[Records from a dataset]
—————

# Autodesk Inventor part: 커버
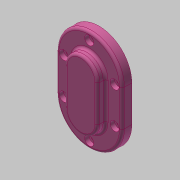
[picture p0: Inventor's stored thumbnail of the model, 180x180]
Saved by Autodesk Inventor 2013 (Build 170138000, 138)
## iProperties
Created: 2019-03
Part Number: 커버
Material: 알루미늄 6061
Document SubType Name: Modeling
Designer: mduedu
Density: 1 g/cm^3
Author: mduedu
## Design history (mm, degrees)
sketch "스케치1"
  geometry: L1 (-62, 40)-(62, 40); L2 (62, 40)-(62, -40); L3 (62, -40)-(-62, -40); L4 (-62, -40)-(-62, 40); L5 (-62, 40)-(62, -40); L6 (62, 40)-(-62, -40); 1 further point
  constraints: 12 end point, 2 midpoint, 2 parallel, 1 horizontal, 1 perpendicular
  dimensions: "d59" = 124 distance of L2.end L3.end; "d60" = 80 distance of L1.end L2.end
extrude "돌출1" new body sketch "스케치1" distance "d4" = 12; taper "d5" = 0 deg
fillet "모깎기4"
fillet "모깎기5"
sketch "스케치2"
  geometry: L1 (-20, -22)-(20, -22); L2 (20, -22)-(20, 22); L3 (20, 22)-(-20, 22); L4 (-20, 22)-(-20, -22); L5 (-20, -22)-(20, 22); L6 (20, -22)-(-20, 22); 3 further points
  constraints: 12 end point, 4 midpoint, 2 horizontal alignment, 2 parallel, 1 horizontal, 1 perpendicular, 4 other
  dimensions: "d6" = 40 distance between parallel lines of L2 L4; "d8" = 44 distance between parallel lines of L1 L3
extrude "돌출2" join sketch "스케치2" distance "d9" = 10; taper "d10" = 0 deg
fillet "모깎기2" dims "d12" = 3
sketch "스케치3"
  geometry: L1 (-31, -22)-(31, -22); L2 (31, -22)-(31, 22); L3 (31, 22)-(-31, 22); L4 (-31, 22)-(-31, -22); L5 (-31, -22)-(31, 22); L6 (31, -22)-(-31, 22); A1 r 31 centre (0, 22) between (31, 22) and (0, 53); A2 r 31 centre (0, -22) between (31, -22) and (0, -53); 7 further points
  constraints: 12 end point, 6 midpoint, 4 coincident, 4 point on circle, 2 centre point, 2 parallel, 2 vertical alignment, 1 horizontal, 1 perpendicular
  dimensions: "d76" = 44 distance between parallel lines of L1 L3; "d78" = 62 distance between parallel lines of L2 L4
hole "구멍2" sketch "스케치3" at (0, 53), (31, 22), (31, -22), (-31, -22), (-31, 22), (0, -53) diameter "d28" = 5.5; stored, may be unused: countersink angle "d32" = 90 deg, drill point angle "d34" = 118 deg; dims "d29" = 6, "d30" = 4, "d31" = 2, "d33" = 8
sketch "스케치10"
  geometry: L1 (40, -22)-(40, 22) reference; L2 (-40, 22)-(-40, -22) reference; L3 (23, -22)-(23, 22) reference; L4 (-23, 22)-(-23, -22) reference; C1 r 2.75 at (-31, 22) reference; C2 r 2.75 at (31, -22) reference; C3 r 2.75 at (0, 53) reference; C4 r 2.75 at (31, 22) reference; C5 r 2.75 at (-31, -22) reference; C6 r 2.75 at (0, -53) reference; A1 r 40 centre (0, -22) between (-40, -22) and (40, -22) reference; A2 r 40 centre (0, 22) between (40, 22) and (-40, 22) reference; A3 r 23 centre (0, -22) between (-23, -22) and (23, -22) reference; A4 r 23 centre (0, 22) between (23, 22) and (-23, 22) reference; 7 further points
  constraints: 6 coincident
hole "구멍5" sketch "스케치10" at (0, 53), (31, 22), (31, -22), (0, -53), (-31, -22), (-31, 22) diameter "d79" = 11; stored, may be unused: countersink angle "d83" = 90 deg, drill point angle "d85" = 0 deg; dims "d80" = 6, "d81" = 4, "d82" = 2, "d84" = 5.4
fillet "모깎기3" dims "d68" = 3
sketch "스케치6"
  geometry: C1 r 12.5 at (0, 22); 1 further point
  constraints: 1 centre point, 1 vertical alignment
  dimensions: "d43" = 25 diameter of C1; "d45" = 22 distance of C1.centre point (0, 0)
extrude "돌출5" cut sketch "스케치6" distance "d47" = 15; taper "d48" = 0 deg
node "솔리드1"
mirror "대칭1"
node "투영된 루프5"

—————

» **Activity**:
Which lines in the data above hold the string "unused"? Show each one.

» **Answer section**:
hole "구멍2" sketch "스케치3" at (0, 53), (31, 22), (31, -22), (-31, -22), (-31, 22), (0, -53) diameter "d28" = 5.5; stored, may be unused: countersink angle "d32" = 90 deg, drill point angle "d34" = 118 deg; dims "d29" = 6, "d30" = 4, "d31" = 2, "d33" = 8
hole "구멍5" sketch "스케치10" at (0, 53), (31, 22), (31, -22), (0, -53), (-31, -22), (-31, 22) diameter "d79" = 11; stored, may be unused: countersink angle "d83" = 90 deg, drill point angle "d85" = 0 deg; dims "d80" = 6, "d81" = 4, "d82" = 2, "d84" = 5.4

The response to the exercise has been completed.